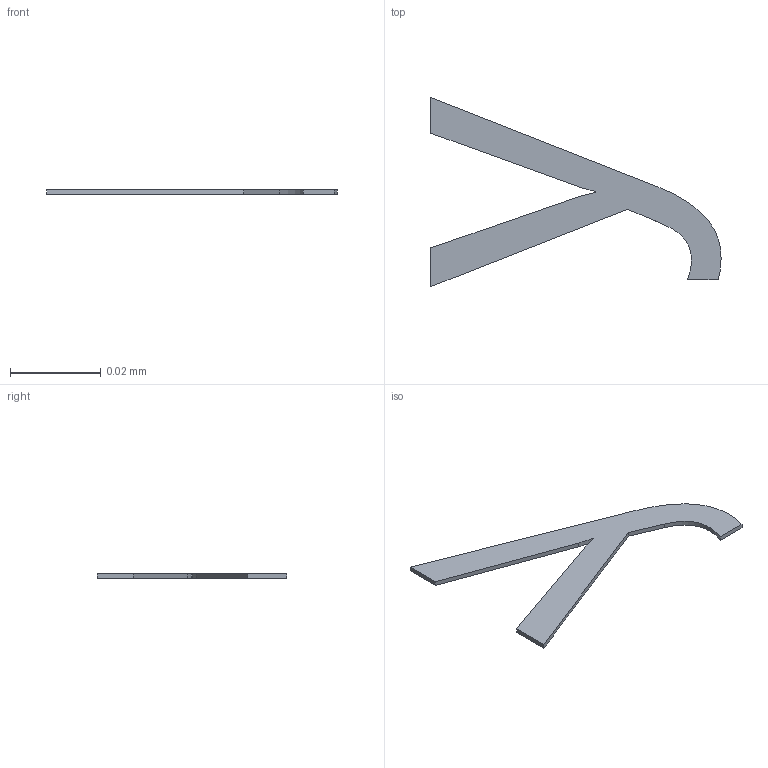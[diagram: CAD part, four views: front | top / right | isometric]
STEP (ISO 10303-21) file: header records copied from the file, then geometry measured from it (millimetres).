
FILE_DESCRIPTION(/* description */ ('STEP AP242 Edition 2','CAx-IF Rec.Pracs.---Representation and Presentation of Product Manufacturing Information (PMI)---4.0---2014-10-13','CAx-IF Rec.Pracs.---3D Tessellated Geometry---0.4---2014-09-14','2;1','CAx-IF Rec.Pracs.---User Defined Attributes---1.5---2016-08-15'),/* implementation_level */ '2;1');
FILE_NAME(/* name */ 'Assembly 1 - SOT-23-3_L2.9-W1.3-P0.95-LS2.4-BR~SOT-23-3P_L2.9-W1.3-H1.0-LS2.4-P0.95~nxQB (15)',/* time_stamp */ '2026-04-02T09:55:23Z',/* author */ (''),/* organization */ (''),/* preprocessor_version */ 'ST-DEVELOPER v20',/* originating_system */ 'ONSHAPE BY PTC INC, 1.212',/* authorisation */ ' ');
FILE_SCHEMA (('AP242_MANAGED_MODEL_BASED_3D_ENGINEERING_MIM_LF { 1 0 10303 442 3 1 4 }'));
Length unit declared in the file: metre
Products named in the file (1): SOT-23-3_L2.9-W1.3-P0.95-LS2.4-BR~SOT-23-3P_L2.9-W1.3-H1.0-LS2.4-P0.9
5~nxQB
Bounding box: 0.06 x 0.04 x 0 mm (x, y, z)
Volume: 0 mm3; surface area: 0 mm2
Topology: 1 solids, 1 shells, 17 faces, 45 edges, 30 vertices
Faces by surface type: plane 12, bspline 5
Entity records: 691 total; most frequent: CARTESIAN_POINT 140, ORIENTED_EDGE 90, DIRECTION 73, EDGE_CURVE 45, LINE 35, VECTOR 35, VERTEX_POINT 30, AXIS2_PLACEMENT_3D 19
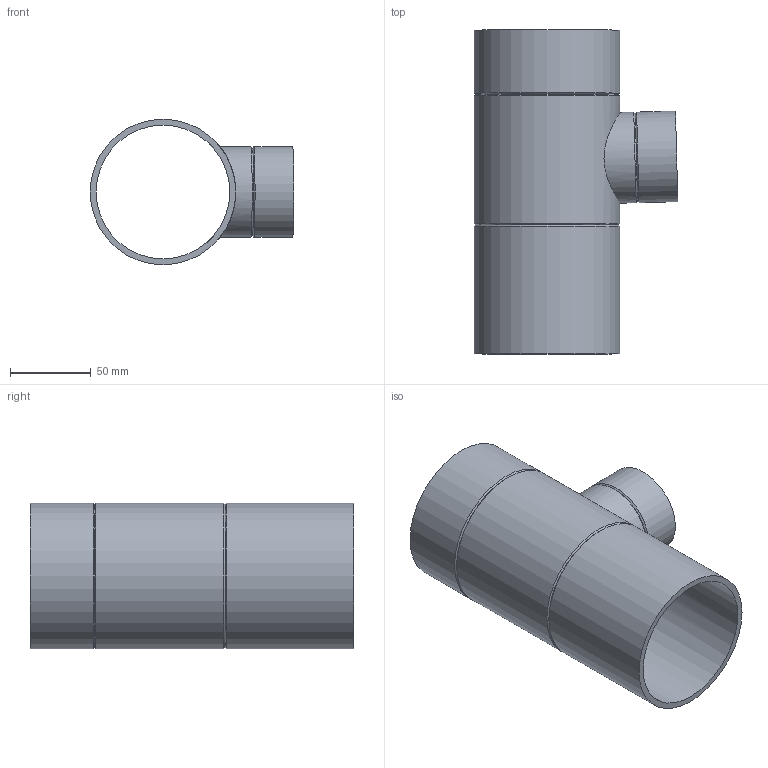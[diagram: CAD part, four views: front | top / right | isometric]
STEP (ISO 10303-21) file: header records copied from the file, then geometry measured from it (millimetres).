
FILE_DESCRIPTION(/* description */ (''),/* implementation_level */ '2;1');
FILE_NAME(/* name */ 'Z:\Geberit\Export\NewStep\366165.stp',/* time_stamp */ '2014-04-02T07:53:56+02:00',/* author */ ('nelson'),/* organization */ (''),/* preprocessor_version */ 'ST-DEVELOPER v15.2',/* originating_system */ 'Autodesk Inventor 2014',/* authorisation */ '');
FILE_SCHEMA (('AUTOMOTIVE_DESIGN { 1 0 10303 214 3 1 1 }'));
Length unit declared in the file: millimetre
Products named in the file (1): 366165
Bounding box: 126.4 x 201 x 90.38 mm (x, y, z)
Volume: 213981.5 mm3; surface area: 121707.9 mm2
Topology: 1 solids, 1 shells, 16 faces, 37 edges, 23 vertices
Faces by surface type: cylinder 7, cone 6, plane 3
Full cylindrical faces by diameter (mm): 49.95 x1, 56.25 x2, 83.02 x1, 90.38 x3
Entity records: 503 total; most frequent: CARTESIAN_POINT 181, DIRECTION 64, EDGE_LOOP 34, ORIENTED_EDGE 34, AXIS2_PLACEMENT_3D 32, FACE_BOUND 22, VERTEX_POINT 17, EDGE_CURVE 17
• • • • • • •
Exercise details:
Repeat exactly the lines from the line containing "0 10303 214" through the end of the listing above; both boundary lines are part of the output.

Solution for this exercise:
FILE_SCHEMA (('AUTOMOTIVE_DESIGN { 1 0 10303 214 3 1 1 }'));
Length unit declared in the file: millimetre
Products named in the file (1): 366165
Bounding box: 126.4 x 201 x 90.38 mm (x, y, z)
Volume: 213981.5 mm3; surface area: 121707.9 mm2
Topology: 1 solids, 1 shells, 16 faces, 37 edges, 23 vertices
Faces by surface type: cylinder 7, cone 6, plane 3
Full cylindrical faces by diameter (mm): 49.95 x1, 56.25 x2, 83.02 x1, 90.38 x3
Entity records: 503 total; most frequent: CARTESIAN_POINT 181, DIRECTION 64, EDGE_LOOP 34, ORIENTED_EDGE 34, AXIS2_PLACEMENT_3D 32, FACE_BOUND 22, VERTEX_POINT 17, EDGE_CURVE 17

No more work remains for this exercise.